Widodo, Petani Bantul Bagikan Gratis Cabai di Ladangnya

Widodo, petani asal Bantul yang menggratiskan siapa pun yang ingin memetik cabai di ladang miliknya, MInggu (17/9/2017)
Sumber :
  • VIVA.co.id/Daru Waskita

VIVA.co.id – Sebuah ladang di Kalipakem, Desa Seloharjo, Kabupaten Bantul, Yogyakarta, mendadak ramai didatangi warga yang ingin mendapatkan cabai secara gratis.

Seorang warga setempat, Widodo, menggratiskan ratusan pohon cabai milliknya dipetik tanpa harus membayar. Widodo mengikhlaskan cabai rawitnya dipetik setelah harga cabai terjun bebas akhir-akhir ini. Menurutnya, daripada menanggung rugi, lebih bermanfaat jika cabainya dibagikan kepada warga.

Tiga hari terakhir, Widodo mengaku kurang istirahat.
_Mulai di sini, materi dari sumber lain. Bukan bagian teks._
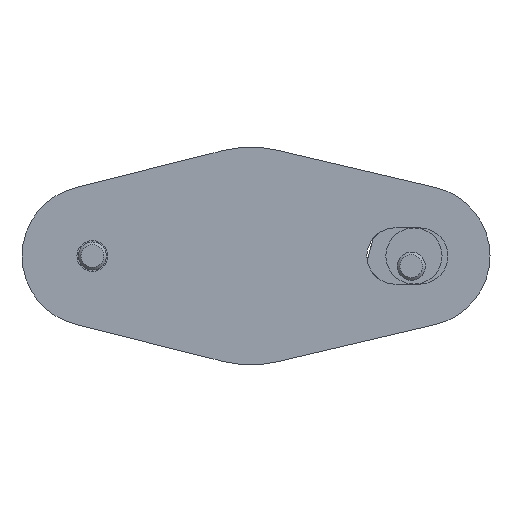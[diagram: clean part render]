
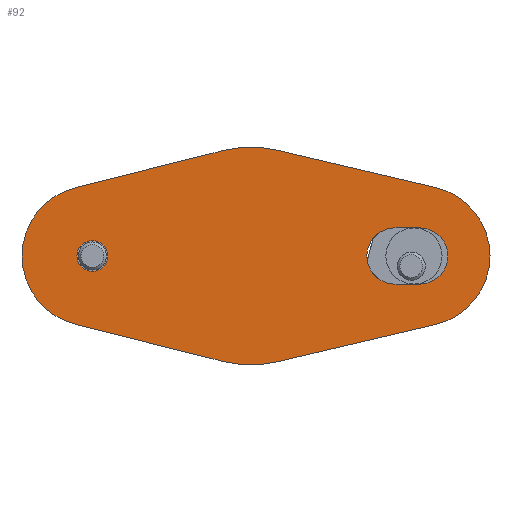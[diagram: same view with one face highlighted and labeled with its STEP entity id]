
A CAD part, front view. The second image highlights one B-rep face of the part: STEP entity #92.
In plain terms, the highlighted planar face has unit normal (0, -1, 0).
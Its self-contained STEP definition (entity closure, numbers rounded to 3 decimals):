
#92 = ADVANCED_FACE( '', ( #178, #179, #180 ), #181, .F. );
#178 = FACE_BOUND( '', #332, .T. );
#179 = FACE_BOUND( '', #333, .T. );
#180 = FACE_OUTER_BOUND( '', #334, .T. );
#181 = PLANE( '', #335 );
#332 = EDGE_LOOP( '', ( #576 ) );
#333 = EDGE_LOOP( '', ( #577, #578, #579, #580 ) );
#334 = EDGE_LOOP( '', ( #581, #582, #583, #584, #585, #586, #587, #588 ) );
#335 = AXIS2_PLACEMENT_3D( '', #589, #590, #591 );
#576 = ORIENTED_EDGE( '', *, *, #964, .T. );
#577 = ORIENTED_EDGE( '', *, *, #962, .T. );
#578 = ORIENTED_EDGE( '', *, *, #954, .T. );
#579 = ORIENTED_EDGE( '', *, *, #958, .T. );
#580 = ORIENTED_EDGE( '', *, *, #960, .T. );
#581 = ORIENTED_EDGE( '', *, *, #930, .F. );
#582 = ORIENTED_EDGE( '', *, *, #952, .F. );
#583 = ORIENTED_EDGE( '', *, *, #949, .F. );
#584 = ORIENTED_EDGE( '', *, *, #946, .F. );
#585 = ORIENTED_EDGE( '', *, *, #943, .F. );
#586 = ORIENTED_EDGE( '', *, *, #940, .F. );
#587 = ORIENTED_EDGE( '', *, *, #937, .F. );
#588 = ORIENTED_EDGE( '', *, *, #934, .F. );
#589 = CARTESIAN_POINT( '', ( -45., 0., 0. ) );
#590 = DIRECTION( '', ( 0., 1., 0. ) );
#591 = DIRECTION( '', ( 0., 0., 1. ) );
#930 = EDGE_CURVE( '', #1086, #1087, #1088, .T. );
#934 = EDGE_CURVE( '', #1087, #1094, #1095, .T. );
#937 = EDGE_CURVE( '', #1094, #1099, #1100, .T. );
#940 = EDGE_CURVE( '', #1099, #1104, #1105, .T. );
#943 = EDGE_CURVE( '', #1104, #1109, #1110, .T. );
#946 = EDGE_CURVE( '', #1109, #1114, #1115, .T. );
#949 = EDGE_CURVE( '', #1114, #1119, #1120, .T. );
#952 = EDGE_CURVE( '', #1119, #1086, #1124, .T. );
#954 = EDGE_CURVE( '', #1126, #1127, #1128, .T. );
#958 = EDGE_CURVE( '', #1127, #1132, #1133, .T. );
#960 = EDGE_CURVE( '', #1132, #1135, #1136, .T. );
#962 = EDGE_CURVE( '', #1135, #1126, #1138, .T. );
#964 = EDGE_CURVE( '', #1141, #1141, #1142, .T. );
#1086 = VERTEX_POINT( '', #1332 );
#1087 = VERTEX_POINT( '', #1333 );
#1088 = LINE( '', #1334, #1335 );
#1094 = VERTEX_POINT( '', #1344 );
#1095 = CIRCLE( '', #1345, 20. );
#1099 = VERTEX_POINT( '', #1350 );
#1100 = LINE( '', #1351, #1352 );
#1104 = VERTEX_POINT( '', #1358 );
#1105 = CIRCLE( '', #1359, 31. );
#1109 = VERTEX_POINT( '', #1364 );
#1110 = LINE( '', #1365, #1366 );
#1114 = VERTEX_POINT( '', #1372 );
#1115 = CIRCLE( '', #1373, 20. );
#1119 = VERTEX_POINT( '', #1378 );
#1120 = LINE( '', #1379, #1380 );
#1124 = CIRCLE( '', #1386, 31. );
#1126 = VERTEX_POINT( '', #1388 );
#1127 = VERTEX_POINT( '', #1389 );
#1128 = CIRCLE( '', #1390, 8. );
#1132 = VERTEX_POINT( '', #1396 );
#1133 = LINE( '', #1397, #1398 );
#1135 = VERTEX_POINT( '', #1401 );
#1136 = CIRCLE( '', #1402, 8. );
#1138 = LINE( '', #1405, #1406 );
#1141 = VERTEX_POINT( '', #1409 );
#1142 = CIRCLE( '', #1410, 4.4 );
#1332 = CARTESIAN_POINT( '', ( -7.578, 0., -30.06 ) );
#1333 = CARTESIAN_POINT( '', ( -49.889, 0., -19.393 ) );
#1334 = CARTESIAN_POINT( '', ( -7.578, 0., -30.06 ) );
#1335 = VECTOR( '', #1629, 1000. );
#1344 = CARTESIAN_POINT( '', ( -49.889, 0., 19.393 ) );
#1345 = AXIS2_PLACEMENT_3D( '', #1633, #1634, #1635 );
#1350 = CARTESIAN_POINT( '', ( -7.578, 0., 30.06 ) );
#1351 = CARTESIAN_POINT( '', ( -49.889, 0., 19.393 ) );
#1352 = VECTOR( '', #1640, 1000. );
#1358 = CARTESIAN_POINT( '', ( 7.104, 0., 30.175 ) );
#1359 = AXIS2_PLACEMENT_3D( '', #1643, #1644, #1645 );
#1364 = CARTESIAN_POINT( '', ( 52.583, 0., 19.468 ) );
#1365 = CARTESIAN_POINT( '', ( 7.104, 0., 30.175 ) );
#1366 = VECTOR( '', #1650, 1000. );
#1372 = CARTESIAN_POINT( '', ( 52.583, 0., -19.468 ) );
#1373 = AXIS2_PLACEMENT_3D( '', #1653, #1654, #1655 );
#1378 = CARTESIAN_POINT( '', ( 7.104, 0., -30.175 ) );
#1379 = CARTESIAN_POINT( '', ( 52.583, 0., -19.468 ) );
#1380 = VECTOR( '', #1660, 1000. );
#1386 = AXIS2_PLACEMENT_3D( '', #1663, #1664, #1665 );
#1388 = CARTESIAN_POINT( '', ( 41., 0., -8. ) );
#1389 = CARTESIAN_POINT( '', ( 41., 0., 8. ) );
#1390 = AXIS2_PLACEMENT_3D( '', #1669, #1670, #1671 );
#1396 = CARTESIAN_POINT( '', ( 48., 0., 8. ) );
#1397 = CARTESIAN_POINT( '', ( 41., 0., 8. ) );
#1398 = VECTOR( '', #1677, 1000. );
#1401 = CARTESIAN_POINT( '', ( 48., 0., -8. ) );
#1402 = AXIS2_PLACEMENT_3D( '', #1679, #1680, #1681 );
#1405 = CARTESIAN_POINT( '', ( 48., 0., -8. ) );
#1406 = VECTOR( '', #1683, 1000. );
#1409 = CARTESIAN_POINT( '', ( -40.6, 0., 0. ) );
#1410 = AXIS2_PLACEMENT_3D( '', #1687, #1688, #1689 );
#1629 = DIRECTION( '', ( -0.97, 0., 0.244 ) );
#1633 = CARTESIAN_POINT( '', ( -45., 0., 0. ) );
#1634 = DIRECTION( '', ( 0., 1., 0. ) );
#1635 = DIRECTION( '', ( 1., 0., 0. ) );
#1640 = DIRECTION( '', ( 0.97, 0., 0.244 ) );
#1643 = CARTESIAN_POINT( '', ( 0., 0., 0. ) );
#1644 = DIRECTION( '', ( 0., 1., 0. ) );
#1645 = DIRECTION( '', ( 1., 0., 0. ) );
#1650 = DIRECTION( '', ( 0.973, 0., -0.229 ) );
#1653 = CARTESIAN_POINT( '', ( 48., 0., 0. ) );
#1654 = DIRECTION( '', ( 0., 1., 0. ) );
#1655 = DIRECTION( '', ( 1., 0., 0. ) );
#1660 = DIRECTION( '', ( -0.973, 0., -0.229 ) );
#1663 = CARTESIAN_POINT( '', ( 0., 0., 0. ) );
#1664 = DIRECTION( '', ( 0., 1., 0. ) );
#1665 = DIRECTION( '', ( 1., 0., 0. ) );
#1669 = CARTESIAN_POINT( '', ( 41., 0., 0. ) );
#1670 = DIRECTION( '', ( 0., 1., 0. ) );
#1671 = DIRECTION( '', ( 1., 0., 0. ) );
#1677 = DIRECTION( '', ( 1., 0., 0. ) );
#1679 = CARTESIAN_POINT( '', ( 48., 0., 0. ) );
#1680 = DIRECTION( '', ( 0., 1., 0. ) );
#1681 = DIRECTION( '', ( 1., 0., 0. ) );
#1683 = DIRECTION( '', ( -1., 0., 0. ) );
#1687 = CARTESIAN_POINT( '', ( -45., 0., 0. ) );
#1688 = DIRECTION( '', ( 0., 1., 0. ) );
#1689 = DIRECTION( '', ( 1., 0., 0. ) );

Dari pagi hari bahkan hingga malam, ayah satu anak ini harus menemani warga yang silih berganti datang ke ladangnya untuk memetik cabai.

Pada Jumat, 15 September 2017, Widodo mem-posting pemberitahuan melalui akun facebooknya. Widodo mengundang bagi siapa saja yang ingin memetik cabai secara cuma-cuma ke ladang miliknya.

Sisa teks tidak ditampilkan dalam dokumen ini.